Beachvolleyball: Platz fünf in der Schwermetall-Stadt

Das Stuttgarter Beachvolleyball-Nationalteam Chantal Laboureur/Julia Sude hat das Vier-Sterne-Turnier der FIVB World Tour in Ostrava in Tschechien auf dem fünften Platz beendet.

(red/tob) Die Lokalmatadoren hatten einen perfekten Lauf und holten sich die Goldmedaille mitten auf dem Industriedenkmal in der einstigen Kohle-, Eisen- und Stahlindustriestadt: Barbora Hermannova/Marketa Slukova aus Tschechien stürmten auf den obersten Podestplatz beim zum ersten Mal als Turnier für beide Geschlechter ausgetragenen Vier-Sterne-Turnier der FIVB World Tour im tschechischen Ostrava. Zuvor hatten die Goldmedaillen-Gewinnerinnen das deutsche Nationalteam Laboureur/Sude im Viertelfinale mit 2:0 (21:17, 21:15) in 37 Minuten geschlagen und damit auf Platz fünf verwiesen.

Julia Sude und Chantal Laboureur im Spiel beim Vier-Sterne-Turnier der FIVB World Tour in Ostrava | Foto: FIVB

Julia Sude und Chantal Laboureur im Spiel beim Vier-Sterne-Turnier der FIVB World Tour in Ostrava | Foto: FIVB

„Leider sind wir durch das stark aufspielende Heimteam gestoppt worden, aber wir haben uns gut in das Turnier rein gefuchst und sind am Ende besser platziert als zuletzt in Itapema in Brasilien“, fasste Julia Sude zusammen und Chantal Laboureur ergänzte: „Mit dem Ergebnis sind wir aber nur halbzufrieden, denn wir wollen mehr“.

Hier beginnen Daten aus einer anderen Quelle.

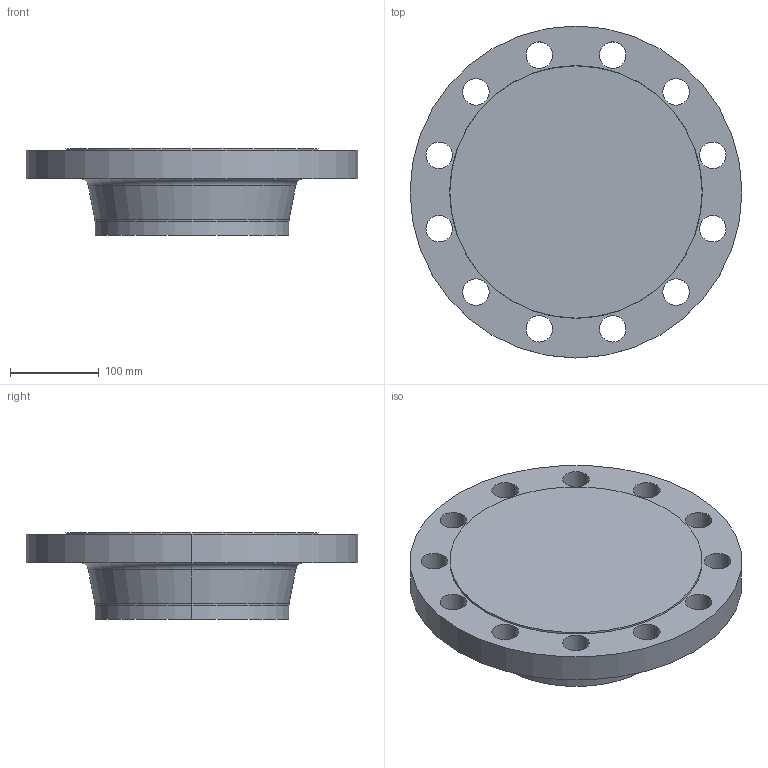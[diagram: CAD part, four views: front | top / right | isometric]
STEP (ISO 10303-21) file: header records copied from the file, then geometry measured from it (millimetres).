
FILE_DESCRIPTION (( 'STEP AP214' ), '1' );
FILE_NAME ('PN40 DN200 Type 21(ii) - Type B Face.STEP', '2019-01-05T02:00:53', ( '' ), ( '' ), 'SwSTEP 2.0', 'SolidWorks 2019', '' );
FILE_SCHEMA (( 'AUTOMOTIVE_DESIGN' ));
Length unit declared in the file: millimetre
Products named in the file (1): PN40 DN200 Type 21(ii) - Type B Face
Bounding box: 375 x 375 x 98 mm (x, y, z)
Volume: 5967338.6 mm3; surface area: 316790.1 mm2
Topology: 1 solids, 1 shells, 40 faces, 102 edges, 66 vertices
Faces by surface type: cylinder 28, torus 4, cone 4, plane 4
Entity records: 1330 total; most frequent: DIRECTION 254, CARTESIAN_POINT 209, ORIENTED_EDGE 204, AXIS2_PLACEMENT_3D 111, EDGE_CURVE 102, CIRCLE 70, VERTEX_POINT 66, EDGE_LOOP 66

32 Teams spielten um die Medaillen, Weltranglistenpunkte und 150.000 Dollar Preisgeld pro Geschlecht, auf den Courts vor dem Technikmuseum der drittgrößte Stadt Tschechiens, welche ein völlig ungewohntes Ambiente bot: „Das war schon eine krasse Location. Man musste sich an das sichtbare Stahlgestänge drumherum schon gewöhnen, dass einem in die Augen sticht, wenn man den Ball zum Aufschlag anwirft“, berichtete Julia Sude. Wo sonst blauer Himmel strahlt und Palmen um die Felder stehen, oder zumindest nicht weit sind, wurde der Turnier-Stopp Ostrava eben durch sein einzigartiges Industrieambiente geprägt. „Es waren aber viele Zuschauer da, die trotz des Wetterumschwungs während des Turniers kamen, als die Temperaturen plötzlich von 33 °C auf 15°C fielen.“

Freude bei Labourer und Sude in Tschechien | Foto: FIVB

Freude bei Labourer und Sude in Tschechien | Foto: FIVB

Die Ergebnisse der Weltranglistenzweiten Laboureur/Sude in Ostrava:
2:0-Erfolg (21:16, 21:16) über Martina Bonnerova/Sarka Nakladalova aus Tschechien in 33 Minuten.
2:0-Erfolg (21:17, 21:15) über Svetlana Kholomina/Nadezda Makroguzova aus Russland in 36 Minuten und dadurch Gruppensieger und direkt fürs Achtelfinale qualifiziert.
2:1-Erfolg (12:21, 21:16, 15:10) über Kim Behrens/Sandra Ittlinger aus Deutschland in 45 Minuten.
0:2-Niederlage gegen Barbora Hermannova/Marketa Slukova (17:21, 15:21) aus Tschechien in 37 Minuten.

Das Deutsche Beachvolleyball-Nationalteam in ungewöhnlicher Kulisse in Ostrava | Foto: FIVB

Das Deutsche Beachvolleyball-Nationalteam in ungewöhnlicher Kulisse in Ostrava | Foto: FIVB

Mit 480 Punkten für die Weltrangliste und 6000 Dollar Preisgeld fliegt das Deutsche Meister-Duo nun nach einem kurzen Zwischenstopp in der schwäbischen Heimat gleich weiter nach Warschau, wo bereits kommende Woche das nächste Vier-Sterne-Turnier stattfindet. Nach dem die World Tour am Anfang des Jahres schleppend begonnen hat, geht es nun im Wochenrhythmus ohne Pause weiter bis zum Saisonhöhepunkt, den Europameisterschaften in der Niederlande, die von 16. bis 22. Juli stattfinden. Und auch dort wollen die Bronzemedaillen-Gewinnerinnen der vergangenen EM mehr.